■ Dataset entries

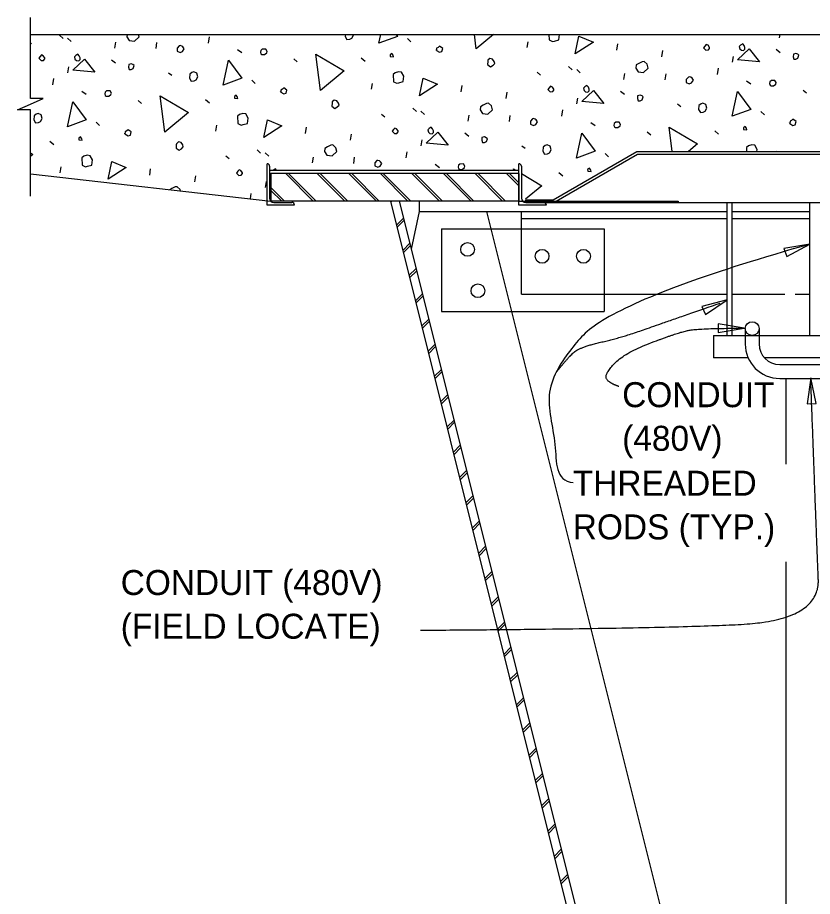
# Model space of a CAD drawing. Extents: x 927736.2 to 927809.6, y 636703.6 to 636757.7.
# Drawn here: x 927752.87 to 927764.73, y 636743.33 to 636756.45 of the extents above; entities that cross this region are included whole.
import ezdxf

# ---------------------------------------------------------------- set-up
doc = ezdxf.new("R2010")
doc.units = 0
for name, color, linetype in [('Default', 7, 'Continuous'), ('DimLines_dp', 7, 'Continuous'), ('Miscellaneous1', 7, 'Continuous'), ('Miscellaneous2', 7, 'Continuous'), ('Miscellaneous3', 7, 'Continuous')]:
    doc.layers.add(name, color=color, linetype=linetype)

msp = doc.modelspace()

# ---------------------------------------------------------------- linework, layer by layer
at = {"layer": 'Default'}
msp.add_line((927758.438, 636753.691), (927758.453, 636753.706), dxfattribs=at)
at = {"layer": 'DimLines_dp'}
msp.add_lwpolyline([(927753.063, 636753.782), (927753.063, 636755.07), (927752.871, 636755.07), (927753.063, 636755.153), (927753.254, 636755.237), (927753.063, 636755.237), (927753.063, 636756.446)], dxfattribs=at)
for points in [[(927764.692, 636753.067), (927764.306, 636753.003), (927764.349, 636752.88)], [(927763.458, 636752.234), (927763.081, 636752.133), (927763.135, 636752.014)], [(927763.711, 636751.811), (927763.325, 636751.876), (927763.325, 636751.746)], [(927764.705, 636751.071), (927764.654, 636750.684), (927764.785, 636750.688)]]:
    msp.add_lwpolyline(points, close=True, dxfattribs=at)
for points, degree in [([(927764.692, 636753.067), (927763.962, 636752.853), (927762.754, 636752.488), (927761.495, 636751.921), (927761.155, 636751.556), (927760.689, 636750.876), (927760.946, 636750.081), (927760.886, 636749.533), (927761.163, 636749.508)], 3), ([(927760.903, 636751.146), (927761.067, 636751.354), (927761.256, 636751.531), (927761.873, 636751.669), (927762.515, 636751.896), (927763.355, 636752.186)], 2), ([(927761.841, 636750.942), (927761.696, 636750.992), (927761.621, 636751.118), (927761.929, 636751.446), (927762.729, 636751.748), (927763.037, 636751.811), (927763.711, 636751.811)], 2), ([(927758.883, 636747.305), (927762.516, 636747.33), (927764.844, 636747.456), (927764.793, 636748.678), (927764.705, 636751.071)], 2)]:
    msp.add_open_spline(points, degree=degree, dxfattribs=at)
at = {"layer": 'Miscellaneous1'}
for p, q in [((927763.728, 636751.805), (927763.728, 636751.575)), ((927763.934, 636751.805), (927763.934, 636751.576)), ((927763.253, 636751.702), (927763.253, 636751.368)), ((927763.253, 636751.702), (927764.974, 636751.702)), ((927763.772, 636751.368), (927763.253, 636751.368)), ((927764.974, 636751.368), (927764.014, 636751.368)), ((927765.497, 636751.267), (927764.242, 636751.267)), ((927764.242, 636751.062), (927765.497, 636751.061))]:
    msp.add_line(p, q, dxfattribs=at)
msp.add_circle((927763.831, 636751.805), 0.103, dxfattribs=at)
for centre, radius in [((927764.242, 636751.575), 0.514), ((927764.242, 636751.576), 0.308)]:
    msp.add_arc(centre, radius, 180, 269.9792, dxfattribs=at)
at = {"layer": 'Miscellaneous2'}
for p, q in [((927753.063, 636756.193), (927774, 636756.193)), ((927753.498, 636756.185), (927753.55, 636756.135)), ((927753.618, 636756.14), (927753.67, 636756.09)), ((927755.72, 636756.065), (927755.733, 636756.158)), ((927758.689, 636756.133), (927758.741, 636756.083)), ((927764.24, 636756.145), (927764.248, 636756.193)), ((927753.063, 636756.069), (927753.08, 636756.053)), ((927754.322, 636755.991), (927754.337, 636756.078)), ((927754.937, 636755.983), (927754.951, 636756.076)), ((927760.475, 636755.998), (927760.49, 636756.085)), ((927761.813, 636755.961), (927761.826, 636756.054)), ((927756.154, 636755.971), (927756.217, 636755.924)), ((927762.485, 636755.86), (927762.498, 636755.953)), ((927764.191, 636755.973), (927764.249, 636755.924)), ((927754.273, 636755.818), (927754.331, 636755.769)), ((927756.995, 636755.832), (927757.045, 636755.788)), ((927758, 636755.846), (927758.058, 636755.798)), ((927763.54, 636755.779), (927763.555, 636755.866)), ((927753.623, 636755.624), (927753.638, 636755.711)), ((927755.123, 636755.624), (927755.171, 636755.586)), ((927760.625, 636755.63), (927760.675, 636755.586)), ((927761.093, 636755.717), (927761.144, 636755.667)), ((927761.213, 636755.673), (927761.265, 636755.623)), ((927761.917, 636755.523), (927761.932, 636755.61)), ((927762.532, 636755.515), (927762.546, 636755.608)), ((927763.315, 636755.597), (927763.328, 636755.69)), ((927753.397, 636755.443), (927753.41, 636755.535)), ((927756.366, 636755.51), (927756.418, 636755.46)), ((927763.749, 636755.503), (927763.812, 636755.456)), ((927753.831, 636755.348), (927753.894, 636755.301)), ((927758.152, 636755.376), (927758.167, 636755.463)), ((927759.49, 636755.339), (927759.503, 636755.432)), ((927761.868, 636755.35), (927761.925, 636755.302)), ((927764.59, 636755.365), (927764.64, 636755.321)), ((927755.677, 636755.224), (927755.735, 636755.175)), ((927760.161, 636755.238), (927760.175, 636755.331)), ((927761.217, 636755.157), (927761.232, 636755.244)), ((927754.672, 636755.21), (927754.722, 636755.166)), ((927758.77, 636755.095), (927758.821, 636755.045)), ((927762.718, 636755.157), (927762.766, 636755.118)), ((927758.302, 636755.007), (927758.352, 636754.963)), ((927758.89, 636755.05), (927758.942, 636755)), ((927759.594, 636754.901), (927759.609, 636754.988)), ((927760.209, 636754.893), (927760.223, 636754.986)), ((927760.992, 636754.975), (927761.005, 636755.068)), ((927763.961, 636755.043), (927764.013, 636754.993)), ((927754.043, 636754.888), (927754.095, 636754.838)), ((927755.829, 636754.753), (927755.844, 636754.84)), ((927761.425, 636754.881), (927761.489, 636754.834)), ((927757.167, 636754.716), (927757.18, 636754.809)), ((927757.838, 636754.615), (927757.852, 636754.708)), ((927759.545, 636754.728), (927759.602, 636754.679)), ((927762.267, 636754.742), (927762.317, 636754.698)), ((927763.272, 636754.756), (927763.33, 636754.708)), ((927753.354, 636754.601), (927753.412, 636754.553)), ((927758.894, 636754.534), (927758.909, 636754.621)), ((927756.447, 636754.472), (927756.498, 636754.422)), ((927756.567, 636754.428), (927756.619, 636754.378)), ((927758.669, 636754.352), (927758.682, 636754.445)), ((927760.395, 636754.534), (927760.443, 636754.496)), ((927760.864, 636753.726), (927762.11, 636754.446)), ((927762.11, 636754.446), (927774, 636754.446)), ((927755.978, 636754.385), (927756.029, 636754.341)), ((927757.271, 636754.278), (927757.286, 636754.365)), ((927757.886, 636754.27), (927757.899, 636754.363)), ((927760.874, 636753.688), (927762.121, 636754.407)), ((927761.638, 636754.42), (927761.69, 636754.37)), ((927762.121, 636754.407), (927774, 636754.407)), ((927753.506, 636754.131), (927753.521, 636754.218)), ((927754.844, 636754.094), (927754.857, 636754.187)), ((927756.593, 636753.649), (927756.593, 636754.266)), ((927756.631, 636754.227), (927756.631, 636753.752)), ((927756.631, 636754.169), (927760.35, 636754.169)), ((927759.102, 636754.258), (927759.166, 636754.211)), ((927760.35, 636753.649), (927760.35, 636754.266)), ((927760.389, 636754.227), (927760.389, 636753.752)), ((927753.063, 636754.114), (927756.65, 636753.706)), ((927755.515, 636753.993), (927755.529, 636754.086)), ((927756.631, 636754.118), (927756.65, 636754.118)), ((927757.283, 636753.706), (927756.872, 636754.118)), ((927757.326, 636753.706), (927756.915, 636754.118)), ((927757.754, 636753.706), (927757.343, 636754.118)), ((927757.797, 636753.706), (927757.386, 636754.118)), ((927758.225, 636753.706), (927757.813, 636754.118)), ((927758.268, 636753.706), (927757.857, 636754.118)), ((927758.696, 636753.706), (927758.284, 636754.118)), ((927758.739, 636753.706), (927758.328, 636754.118)), ((927759.167, 636753.706), (927758.755, 636754.118)), ((927759.21, 636753.706), (927758.799, 636754.118)), ((927759.638, 636753.706), (927759.226, 636754.118)), ((927759.681, 636753.706), (927759.27, 636754.118)), ((927760.108, 636753.706), (927759.697, 636754.118)), ((927760.152, 636753.706), (927759.741, 636754.118)), ((927760.35, 636753.936), (927760.168, 636754.118)), ((927760.35, 636753.979), (927760.212, 636754.118)), ((927760.35, 636754.118), (927760.35, 636753.706)), ((927760.949, 636754.134), (927761.007, 636754.085)), ((927756.571, 636753.912), (927756.586, 636753.999)), ((927756.856, 636753.706), (927756.65, 636753.912)), ((927756.347, 636753.741), (927756.359, 636753.823)), ((927756.812, 636753.706), (927756.65, 636753.868)), ((927757.004, 636753.649), (927756.593, 636753.649)), ((927756.695, 636753.688), (927756.965, 636753.688)), ((927760.344, 636753.706), (927760.35, 636753.713)), ((927760.344, 636753.706), (927760.35, 636753.713)), ((927760.761, 636753.649), (927760.35, 636753.649)), ((927760.453, 636753.726), (927760.864, 636753.726)), ((927760.453, 636753.688), (927760.453, 636753.726)), ((927760.453, 636753.688), (927760.723, 636753.688)), ((927760.453, 636753.688), (927774, 636753.688))]:
    msp.add_line(p, q, dxfattribs=at)
for points in [[(927754.501, 636756.16), (927754.534, 636756.105), (927754.614, 636756.094), (927754.686, 636756.158), (927754.677, 636756.193)], [(927754.505, 636756.193), (927754.501, 636756.16)], [(927757.763, 636756.193), (927757.761, 636756.165), (927757.786, 636756.121), (927757.829, 636756.126), (927757.858, 636756.14), (927757.884, 636756.185), (927757.882, 636756.193)], [(927758.261, 636756.063), (927758.289, 636756.193)], [(927758.519, 636756.193), (927758.541, 636756.163), (927758.261, 636756.063)], [(927759.714, 636755.98), (927759.687, 636756.193)], [(927759.972, 636756.193), (927759.714, 636755.98)], [(927760.799, 636756.193), (927760.802, 636756.112), (927760.853, 636756.087), (927760.883, 636756.095), (927760.949, 636756.113), (927760.959, 636756.192), (927760.959, 636756.193)], [(927761.19, 636755.903), (927761.247, 636756.167), (927761.462, 636756.078), (927761.19, 636755.903)], [(927755.254, 636755.991), (927755.254, 636755.946), (927755.297, 636755.926), (927755.331, 636755.942), (927755.359, 636755.981), (927755.339, 636756.008), (927755.323, 636756.022), (927755.296, 636756.028), (927755.284, 636756.025), (927755.254, 636755.991)], [(927759.12, 636755.955), (927759.166, 636755.928), (927759.201, 636755.938), (927759.214, 636755.986), (927759.167, 636756.018), (927759.146, 636756), (927759.124, 636755.988), (927759.12, 636755.955), (927759.117, 636755.967)], [(927763.106, 636755.995), (927763.141, 636755.959), (927763.178, 636755.963), (927763.197, 636755.987), (927763.194, 636755.999), (927763.173, 636756.032), (927763.144, 636756.043), (927763.125, 636756.019), (927763.106, 636755.995)], [(927763.646, 636755.98), (927763.671, 636755.961), (927763.703, 636755.957), (927763.724, 636755.975), (927763.724, 636756.001), (927763.71, 636756.029), (927763.69, 636756.055), (927763.657, 636756.034), (927763.637, 636756.016), (927763.646, 636755.98)], [(927753.188, 636755.84), (927753.223, 636755.805), (927753.26, 636755.808), (927753.28, 636755.832), (927753.276, 636755.844), (927753.255, 636755.877), (927753.226, 636755.888), (927753.207, 636755.864), (927753.188, 636755.84)], [(927753.728, 636755.825), (927753.753, 636755.806), (927753.786, 636755.802), (927753.806, 636755.82), (927753.806, 636755.846), (927753.792, 636755.874), (927753.772, 636755.901), (927753.739, 636755.879), (927753.719, 636755.861), (927753.728, 636755.825)], [(927756.503, 636755.905), (927756.518, 636755.896), (927756.557, 636755.894), (927756.588, 636755.921), (927756.595, 636755.942), (927756.574, 636755.975), (927756.523, 636755.974), (927756.503, 636755.955), (927756.497, 636755.928), (927756.503, 636755.905)], [(927757.391, 636755.357), (927757.322, 636755.9), (927757.746, 636755.65), (927757.391, 636755.357)], [(927758.429, 636755.865), (927758.482, 636755.86), (927758.475, 636755.884), (927758.455, 636755.911), (927758.429, 636755.891), (927758.429, 636755.865)], [(927763.613, 636755.818), (927763.787, 636755.979), (927763.941, 636755.784), (927763.613, 636755.818)], [(927764.444, 636755.862), (927764.454, 636755.826), (927764.485, 636755.828), (927764.513, 636755.842), (927764.527, 636755.884), (927764.511, 636755.899), (927764.482, 636755.91), (927764.446, 636755.901), (927764.444, 636755.862)], [(927753.695, 636755.663), (927753.869, 636755.824), (927754.023, 636755.63), (927753.695, 636755.663)], [(927754.526, 636755.707), (927754.536, 636755.671), (927754.567, 636755.673), (927754.595, 636755.687), (927754.61, 636755.729), (927754.593, 636755.744), (927754.564, 636755.755), (927754.529, 636755.746), (927754.526, 636755.707)], [(927755.938, 636755.44), (927756.017, 636755.813), (927756.218, 636755.541), (927755.938, 636755.44)], [(927759.886, 636755.79), (927759.885, 636755.745), (927759.926, 636755.711), (927759.965, 636755.734), (927759.99, 636755.76), (927759.982, 636755.79), (927759.959, 636755.828), (927759.918, 636755.836), (927759.887, 636755.809), (927759.886, 636755.79)], [(927762.095, 636755.692), (927762.129, 636755.637), (927762.209, 636755.627), (927762.281, 636755.691), (927762.265, 636755.75), (927762.222, 636755.79), (927762.191, 636755.788), (927762.141, 636755.762), (927762.102, 636755.739), (927762.095, 636755.692)], [(927755.442, 636755.601), (927755.438, 636755.543), (927755.463, 636755.498), (927755.506, 636755.503), (927755.535, 636755.517), (927755.561, 636755.563), (927755.546, 636755.616), (927755.503, 636755.637), (927755.473, 636755.629), (927755.442, 636755.601)], [(927758.476, 636755.597), (927758.479, 636755.489), (927758.53, 636755.465), (927758.56, 636755.473), (927758.625, 636755.49), (927758.636, 636755.57), (927758.601, 636755.63), (927758.554, 636755.637), (927758.507, 636755.624), (927758.476, 636755.597)], [(927758.867, 636755.28), (927758.924, 636755.544), (927759.139, 636755.455), (927758.867, 636755.28)], [(927762.849, 636755.524), (927762.848, 636755.479), (927762.892, 636755.459), (927762.926, 636755.474), (927762.954, 636755.514), (927762.934, 636755.54), (927762.917, 636755.555), (927762.89, 636755.56), (927762.879, 636755.557), (927762.849, 636755.524)], [(927764.098, 636755.437), (927764.113, 636755.428), (927764.152, 636755.426), (927764.183, 636755.453), (927764.19, 636755.475), (927764.169, 636755.507), (927764.118, 636755.506), (927764.097, 636755.488), (927764.092, 636755.461), (927764.098, 636755.437)], [(927754.18, 636755.282), (927754.195, 636755.273), (927754.234, 636755.271), (927754.265, 636755.299), (927754.272, 636755.32), (927754.251, 636755.352), (927754.2, 636755.351), (927754.179, 636755.333), (927754.174, 636755.306), (927754.18, 636755.282)], [(927756.797, 636755.332), (927756.843, 636755.306), (927756.878, 636755.316), (927756.891, 636755.364), (927756.844, 636755.396), (927756.823, 636755.377), (927756.801, 636755.365), (927756.797, 636755.332), (927756.794, 636755.344)], [(927760.783, 636755.372), (927760.818, 636755.337), (927760.855, 636755.341), (927760.874, 636755.365), (927760.871, 636755.377), (927760.85, 636755.409), (927760.821, 636755.421), (927760.802, 636755.397), (927760.783, 636755.372)], [(927761.29, 636755.195), (927761.464, 636755.357), (927761.618, 636755.162), (927761.29, 636755.195)], [(927761.323, 636755.357), (927761.347, 636755.338), (927761.38, 636755.334), (927761.401, 636755.353), (927761.401, 636755.378), (927761.387, 636755.406), (927761.367, 636755.433), (927761.334, 636755.411), (927761.314, 636755.393), (927761.323, 636755.357)], [(927755.068, 636754.735), (927754.999, 636755.278), (927755.423, 636755.028), (927755.068, 636754.735)], [(927756.106, 636755.243), (927756.159, 636755.238), (927756.152, 636755.261), (927756.132, 636755.288), (927756.106, 636755.268), (927756.106, 636755.243)], [(927762.121, 636755.239), (927762.131, 636755.204), (927762.162, 636755.206), (927762.19, 636755.219), (927762.204, 636755.262), (927762.188, 636755.276), (927762.159, 636755.288), (927762.123, 636755.278), (927762.121, 636755.239)], [(927763.533, 636754.973), (927763.612, 636755.345), (927763.813, 636755.073), (927763.533, 636754.973)], [(927753.615, 636754.818), (927753.694, 636755.19), (927753.895, 636754.918), (927753.615, 636754.818)], [(927757.563, 636755.167), (927757.562, 636755.122), (927757.603, 636755.088), (927757.642, 636755.112), (927757.667, 636755.137), (927757.659, 636755.167), (927757.636, 636755.206), (927757.595, 636755.214), (927757.564, 636755.187), (927757.563, 636755.167)], [(927759.772, 636755.07), (927759.806, 636755.015), (927759.886, 636755.004), (927759.958, 636755.068), (927759.942, 636755.128), (927759.899, 636755.167), (927759.868, 636755.165), (927759.818, 636755.139), (927759.779, 636755.116), (927759.772, 636755.07)], [(927763.037, 636755.133), (927763.033, 636755.075), (927763.058, 636755.031), (927763.101, 636755.036), (927763.129, 636755.05), (927763.156, 636755.095), (927763.141, 636755.149), (927763.097, 636755.169), (927763.068, 636755.161), (927763.037, 636755.133)], [(927753.119, 636754.979), (927753.115, 636754.92), (927753.14, 636754.876), (927753.183, 636754.881), (927753.212, 636754.895), (927753.238, 636754.94), (927753.223, 636754.994), (927753.18, 636755.014), (927753.15, 636755.006), (927753.119, 636754.979)], [(927756.153, 636754.974), (927756.156, 636754.867), (927756.207, 636754.842), (927756.237, 636754.85), (927756.302, 636754.868), (927756.313, 636754.947), (927756.278, 636755.008), (927756.231, 636755.015), (927756.183, 636755.002), (927756.153, 636754.974)], [(927756.544, 636754.658), (927756.601, 636754.922), (927756.816, 636754.833), (927756.544, 636754.658)], [(927760.526, 636754.901), (927760.525, 636754.856), (927760.569, 636754.836), (927760.603, 636754.852), (927760.631, 636754.891), (927760.611, 636754.918), (927760.594, 636754.932), (927760.567, 636754.938), (927760.555, 636754.935), (927760.526, 636754.901)], [(927761.775, 636754.815), (927761.79, 636754.806), (927761.829, 636754.804), (927761.86, 636754.831), (927761.867, 636754.852), (927761.846, 636754.885), (927761.795, 636754.884), (927761.774, 636754.865), (927761.769, 636754.838), (927761.775, 636754.815)], [(927764.392, 636754.865), (927764.437, 636754.838), (927764.473, 636754.848), (927764.486, 636754.896), (927764.439, 636754.928), (927764.418, 636754.91), (927764.396, 636754.898), (927764.392, 636754.865), (927764.389, 636754.877)], [(927754.474, 636754.71), (927754.519, 636754.684), (927754.555, 636754.693), (927754.568, 636754.741), (927754.521, 636754.773), (927754.5, 636754.755), (927754.478, 636754.743), (927754.474, 636754.71), (927754.471, 636754.722)], [(927758.46, 636754.75), (927758.495, 636754.715), (927758.532, 636754.718), (927758.551, 636754.742), (927758.548, 636754.754), (927758.527, 636754.787), (927758.498, 636754.798), (927758.479, 636754.774), (927758.46, 636754.75)], [(927758.967, 636754.573), (927759.141, 636754.734), (927759.295, 636754.54), (927758.967, 636754.573)], [(927759, 636754.735), (927759.024, 636754.716), (927759.057, 636754.712), (927759.078, 636754.73), (927759.078, 636754.756), (927759.064, 636754.784), (927759.044, 636754.811), (927759.011, 636754.789), (927758.991, 636754.771), (927759, 636754.735)], [(927761.21, 636754.35), (927761.289, 636754.723), (927761.49, 636754.451), (927761.21, 636754.35)], [(927762.64, 636754.446), (927762.593, 636754.81), (927763.018, 636754.56), (927762.879, 636754.446)], [(927763.701, 636754.775), (927763.753, 636754.77), (927763.747, 636754.794), (927763.727, 636754.821), (927763.701, 636754.801), (927763.701, 636754.775)], [(927753.783, 636754.62), (927753.836, 636754.615), (927753.829, 636754.639), (927753.809, 636754.666), (927753.783, 636754.646), (927753.783, 636754.62)], [(927755.24, 636754.545), (927755.239, 636754.5), (927755.28, 636754.466), (927755.319, 636754.489), (927755.344, 636754.515), (927755.336, 636754.545), (927755.312, 636754.583), (927755.272, 636754.592), (927755.241, 636754.564), (927755.24, 636754.545)], [(927759.798, 636754.617), (927759.808, 636754.581), (927759.839, 636754.583), (927759.867, 636754.597), (927759.881, 636754.639), (927759.865, 636754.654), (927759.836, 636754.665), (927759.8, 636754.656), (927759.798, 636754.617)], [(927753.063, 636754.427), (927753.1, 636754.405), (927753.063, 636754.374)], [(927757.449, 636754.447), (927757.483, 636754.392), (927757.563, 636754.382), (927757.635, 636754.446), (927757.619, 636754.505), (927757.576, 636754.545), (927757.545, 636754.543), (927757.495, 636754.517), (927757.456, 636754.494), (927757.449, 636754.447)], [(927760.714, 636754.511), (927760.71, 636754.453), (927760.735, 636754.408), (927760.778, 636754.413), (927760.806, 636754.427), (927760.833, 636754.473), (927760.818, 636754.526), (927760.774, 636754.546), (927760.745, 636754.538), (927760.714, 636754.511)], [(927763.903, 636754.446), (927763.908, 636754.479), (927763.872, 636754.54), (927763.826, 636754.547), (927763.778, 636754.534), (927763.747, 636754.507)], [(927763.747, 636754.507), (927763.749, 636754.446)], [(927764.194, 636754.446), (927764.195, 636754.454), (927764.216, 636754.446)], [(927753.829, 636754.352), (927753.833, 636754.244), (927753.884, 636754.22), (927753.914, 636754.228), (927753.979, 636754.245), (927753.99, 636754.325), (927753.955, 636754.385), (927753.908, 636754.392), (927753.86, 636754.379), (927753.829, 636754.352)], [(927754.221, 636754.035), (927754.278, 636754.3), (927754.493, 636754.21), (927754.221, 636754.035)], [(927758.203, 636754.279), (927758.202, 636754.234), (927758.246, 636754.214), (927758.28, 636754.229), (927758.308, 636754.269), (927758.288, 636754.295), (927758.271, 636754.31), (927758.244, 636754.315), (927758.232, 636754.312), (927758.203, 636754.279)], [(927756.137, 636754.127), (927756.172, 636754.092), (927756.209, 636754.096), (927756.228, 636754.12), (927756.225, 636754.132), (927756.204, 636754.164), (927756.175, 636754.176), (927756.156, 636754.152), (927756.137, 636754.127)], [(927756.735, 636754.169), (927756.721, 636754.188), (927756.692, 636754.169)], [(927759.452, 636754.192), (927759.467, 636754.183), (927759.506, 636754.181), (927759.537, 636754.209), (927759.544, 636754.23), (927759.523, 636754.262), (927759.472, 636754.261), (927759.451, 636754.243), (927759.446, 636754.216), (927759.452, 636754.192)], [(927760.273, 636754.169), (927760.27, 636754.188), (927760.303, 636754.169)], [(927761.378, 636754.153), (927761.43, 636754.148), (927761.424, 636754.171), (927761.404, 636754.198), (927761.377, 636754.178), (927761.378, 636754.153)], [(927760.389, 636754.118), (927760.695, 636753.938), (927760.451, 636753.736)], [(927755.302, 636753.86), (927755.296, 636753.883), (927755.253, 636753.923), (927755.222, 636753.921), (927755.171, 636753.894), (927755.144, 636753.878)]]:
    msp.add_lwpolyline(points, dxfattribs=at)
for centre, radius, start, end in [((927756.593, 636754.227), 0.0385, 359.9953, 89.9953), ((927760.35, 636754.227), 0.0385, 359.9953, 89.9953), ((927756.695, 636753.752), 0.0642, 179.9953, 269.9953), ((927756.965, 636753.649), 0.0385, 359.9953, 89.9953), ((927760.453, 636753.752), 0.0642, 179.9953, 269.9953), ((927760.723, 636753.649), 0.0385, 359.9953, 89.9953)]:
    msp.add_arc(centre, radius, start, end, dxfattribs=at)
at = {"layer": 'Miscellaneous3'}
for p, q in [((927760.35, 636754.118), (927756.65, 636754.118)), ((927756.65, 636754.118), (927756.65, 636753.706)), ((927760.35, 636753.706), (927756.65, 636753.706)), ((927758.434, 636753.706), (927762.288, 636738.29)), ((927758.566, 636753.706), (927762.42, 636738.29)), ((927758.867, 636753.552), (927758.867, 636753.706)), ((927760.35, 636753.706), (927762.729, 636753.706)), ((927762.729, 636753.706), (927762.729, 636753.688)), ((927763.458, 636751.702), (927763.458, 636753.688)), ((927763.535, 636751.702), (927763.535, 636753.688)), ((927764.692, 636751.702), (927764.692, 636753.688)), ((927758.862, 636753.552), (927758.745, 636752.99)), ((927758.867, 636753.552), (927763.458, 636753.552)), ((927759.868, 636753.552), (927759.933, 636753.295)), ((927760.389, 636753.269), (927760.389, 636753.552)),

■ To do
The response must give every line from the material above that holds the string "degree".

■ Expected output
for points, degree in [([(927764.692, 636753.067), (927763.962, 636752.853), (927762.754, 636752.488), (927761.495, 636751.921), (927761.155, 636751.556), (927760.689, 636750.876), (927760.946, 636750.081), (927760.886, 636749.533), (927761.163, 636749.508)], 3), ([(927760.903, 636751.146), (927761.067, 636751.354), (927761.256, 636751.531), (927761.873, 636751.669), (927762.515, 636751.896), (927763.355, 636752.186)], 2), ([(927761.841, 636750.942), (927761.696, 636750.992), (927761.621, 636751.118), (927761.929, 636751.446), (927762.729, 636751.748), (927763.037, 636751.811), (927763.711, 636751.811)], 2), ([(927758.883, 636747.305), (927762.516, 636747.33), (927764.844, 636747.456), (927764.793, 636748.678), (927764.705, 636751.071)], 2)]:
    msp.add_open_spline(points, degree=degree, dxfattribs=at)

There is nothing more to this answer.